▶ **WHAT TO PRODUCE**
Whatever comes before the line containing "Saved by CATIA V5R20 SP0, build 10-29-2009" stays out; transcribe that line and all that follow to the end of the records exactly, with no pictures.

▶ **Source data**

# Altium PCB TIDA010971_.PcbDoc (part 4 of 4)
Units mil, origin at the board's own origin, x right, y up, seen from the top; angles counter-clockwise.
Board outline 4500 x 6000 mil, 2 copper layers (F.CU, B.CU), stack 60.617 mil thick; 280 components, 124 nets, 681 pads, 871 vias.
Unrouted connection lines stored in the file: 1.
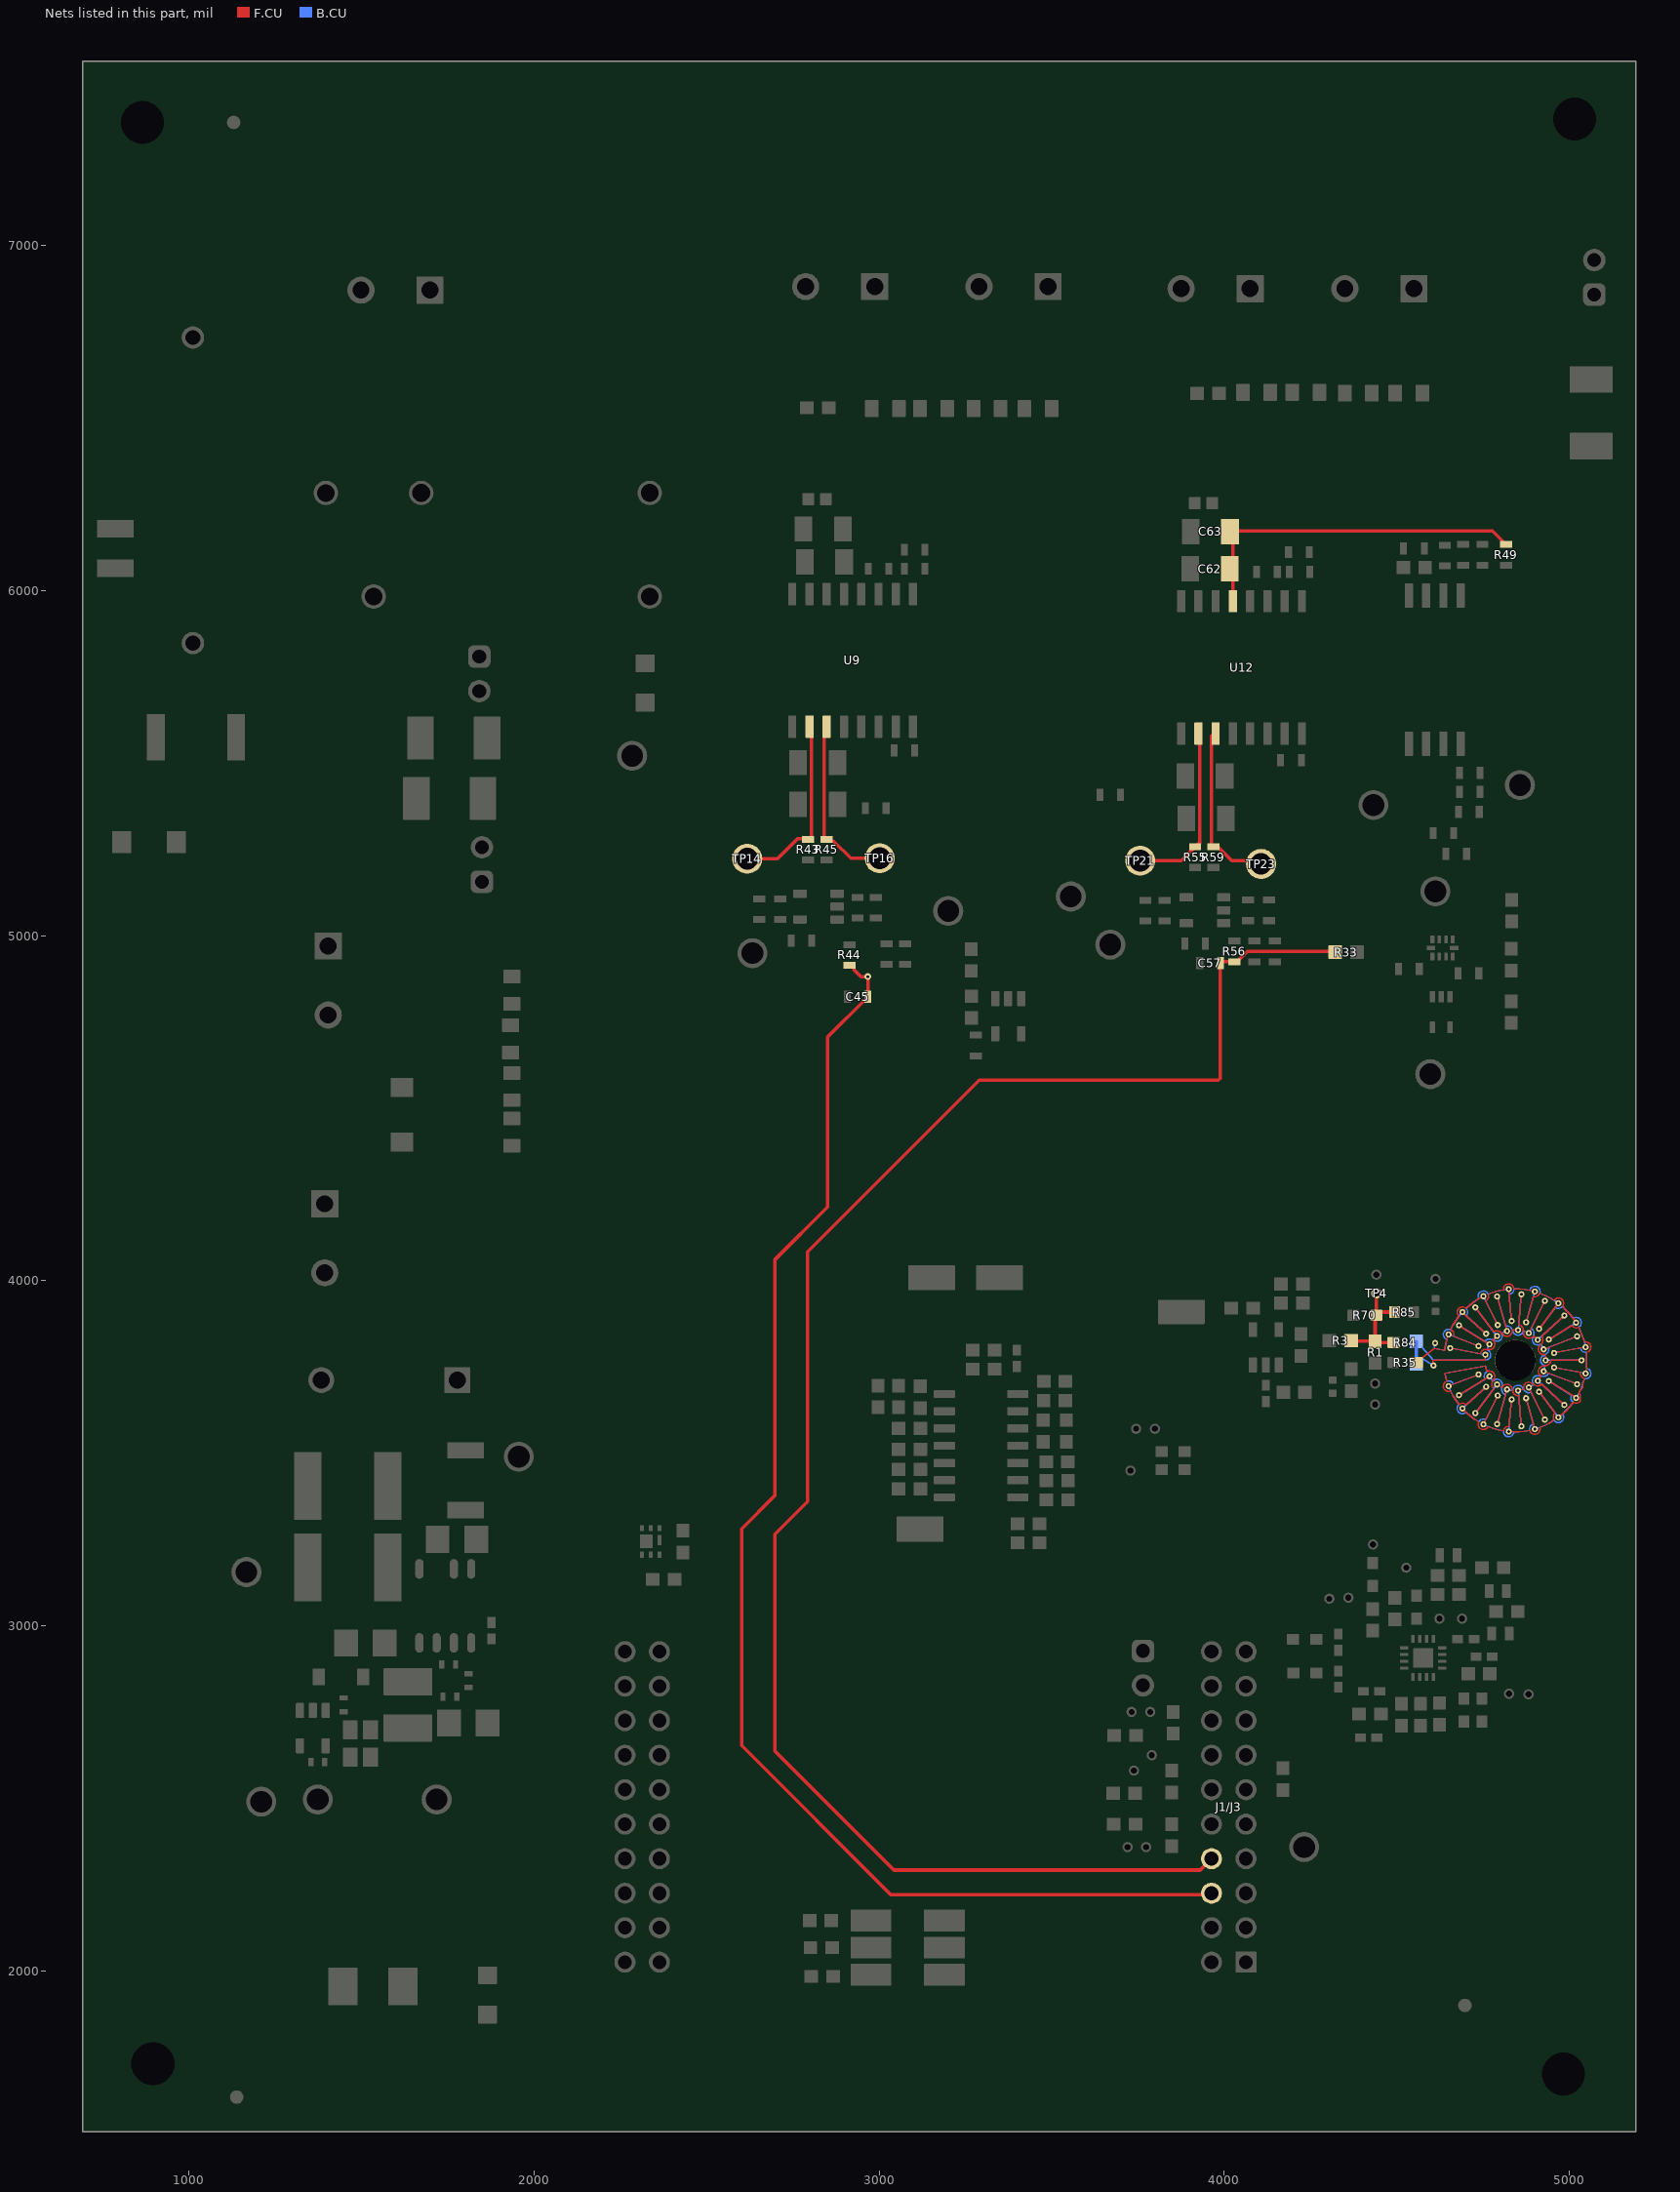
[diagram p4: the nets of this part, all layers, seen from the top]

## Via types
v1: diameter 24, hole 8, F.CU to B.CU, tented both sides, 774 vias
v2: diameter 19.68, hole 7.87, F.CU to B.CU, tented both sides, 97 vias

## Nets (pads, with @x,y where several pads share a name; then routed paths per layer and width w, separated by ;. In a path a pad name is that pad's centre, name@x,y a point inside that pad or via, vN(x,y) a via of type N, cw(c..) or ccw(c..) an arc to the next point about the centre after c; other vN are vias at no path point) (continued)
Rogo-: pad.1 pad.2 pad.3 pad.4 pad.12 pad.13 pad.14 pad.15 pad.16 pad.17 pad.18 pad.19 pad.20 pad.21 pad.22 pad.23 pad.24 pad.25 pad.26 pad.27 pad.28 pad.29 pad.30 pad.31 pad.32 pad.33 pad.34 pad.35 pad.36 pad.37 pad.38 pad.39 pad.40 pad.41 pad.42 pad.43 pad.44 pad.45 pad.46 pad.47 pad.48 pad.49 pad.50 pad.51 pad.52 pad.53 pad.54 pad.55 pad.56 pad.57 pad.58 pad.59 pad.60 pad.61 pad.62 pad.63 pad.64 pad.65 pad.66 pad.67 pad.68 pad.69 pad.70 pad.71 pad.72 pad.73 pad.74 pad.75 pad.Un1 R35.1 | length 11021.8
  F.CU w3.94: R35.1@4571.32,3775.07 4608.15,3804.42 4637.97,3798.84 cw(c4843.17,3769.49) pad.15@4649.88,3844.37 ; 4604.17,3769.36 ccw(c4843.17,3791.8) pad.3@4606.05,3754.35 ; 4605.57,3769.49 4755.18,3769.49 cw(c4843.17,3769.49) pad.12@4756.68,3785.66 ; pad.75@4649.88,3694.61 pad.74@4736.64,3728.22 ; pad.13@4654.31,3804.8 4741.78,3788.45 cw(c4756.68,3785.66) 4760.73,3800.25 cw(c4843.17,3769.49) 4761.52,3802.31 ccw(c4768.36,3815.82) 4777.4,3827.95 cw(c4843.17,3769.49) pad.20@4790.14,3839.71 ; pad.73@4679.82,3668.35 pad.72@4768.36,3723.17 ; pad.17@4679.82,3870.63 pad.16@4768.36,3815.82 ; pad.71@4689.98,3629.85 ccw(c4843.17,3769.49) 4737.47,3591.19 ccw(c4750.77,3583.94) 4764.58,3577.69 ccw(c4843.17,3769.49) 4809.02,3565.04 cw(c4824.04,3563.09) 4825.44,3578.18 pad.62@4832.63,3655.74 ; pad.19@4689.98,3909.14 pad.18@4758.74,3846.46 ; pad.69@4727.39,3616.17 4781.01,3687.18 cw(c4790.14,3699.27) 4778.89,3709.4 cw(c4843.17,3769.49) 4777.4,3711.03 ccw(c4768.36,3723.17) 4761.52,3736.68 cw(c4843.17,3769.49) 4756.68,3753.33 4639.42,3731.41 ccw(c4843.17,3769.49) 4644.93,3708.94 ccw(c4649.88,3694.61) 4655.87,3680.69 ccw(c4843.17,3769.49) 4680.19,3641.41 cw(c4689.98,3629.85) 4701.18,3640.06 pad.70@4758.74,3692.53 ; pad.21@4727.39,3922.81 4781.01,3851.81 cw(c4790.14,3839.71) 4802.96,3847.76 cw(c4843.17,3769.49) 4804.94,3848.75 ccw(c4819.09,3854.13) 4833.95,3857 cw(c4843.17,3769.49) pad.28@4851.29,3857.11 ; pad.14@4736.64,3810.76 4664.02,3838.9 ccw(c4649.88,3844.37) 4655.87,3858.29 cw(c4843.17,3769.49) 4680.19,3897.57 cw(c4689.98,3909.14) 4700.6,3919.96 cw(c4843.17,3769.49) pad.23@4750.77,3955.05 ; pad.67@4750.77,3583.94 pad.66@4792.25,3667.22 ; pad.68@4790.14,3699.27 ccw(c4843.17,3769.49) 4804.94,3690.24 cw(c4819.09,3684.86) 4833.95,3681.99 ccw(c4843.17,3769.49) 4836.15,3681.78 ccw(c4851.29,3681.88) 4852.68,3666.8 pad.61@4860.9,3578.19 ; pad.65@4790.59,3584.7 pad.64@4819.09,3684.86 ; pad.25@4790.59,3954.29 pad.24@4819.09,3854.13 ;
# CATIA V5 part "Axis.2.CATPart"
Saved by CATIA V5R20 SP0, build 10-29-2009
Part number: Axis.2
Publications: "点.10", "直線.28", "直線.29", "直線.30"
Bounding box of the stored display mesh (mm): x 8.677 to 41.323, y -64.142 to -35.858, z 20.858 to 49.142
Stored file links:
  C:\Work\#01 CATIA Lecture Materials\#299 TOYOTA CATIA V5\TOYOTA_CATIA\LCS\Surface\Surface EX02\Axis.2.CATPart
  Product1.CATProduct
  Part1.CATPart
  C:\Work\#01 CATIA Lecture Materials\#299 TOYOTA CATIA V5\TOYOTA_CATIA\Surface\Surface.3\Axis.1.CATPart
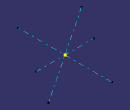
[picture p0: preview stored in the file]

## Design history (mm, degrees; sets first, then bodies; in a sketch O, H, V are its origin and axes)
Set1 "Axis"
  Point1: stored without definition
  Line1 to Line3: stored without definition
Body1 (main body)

▶ **WRITTEN REPLY**
Saved by CATIA V5R20 SP0, build 10-29-2009
Part number: Axis.2
Publications: "点.10", "直線.28", "直線.29", "直線.30"
Bounding box of the stored display mesh (mm): x 8.677 to 41.323, y -64.142 to -35.858, z 20.858 to 49.142
Stored file links:
  C:\Work\#01 CATIA Lecture Materials\#299 TOYOTA CATIA V5\TOYOTA_CATIA\LCS\Surface\Surface EX02\Axis.2.CATPart
  Product1.CATProduct
  Part1.CATPart
  C:\Work\#01 CATIA Lecture Materials\#299 TOYOTA CATIA V5\TOYOTA_CATIA\Surface\Surface.3\Axis.1.CATPart
[picture p0: preview stored in the file]

## Design history (mm, degrees; sets first, then bodies; in a sketch O, H, V are its origin and axes)
Set1 "Axis"
  Point1: stored without definition
  Line1 to Line3: stored without definition
Body1 (main body)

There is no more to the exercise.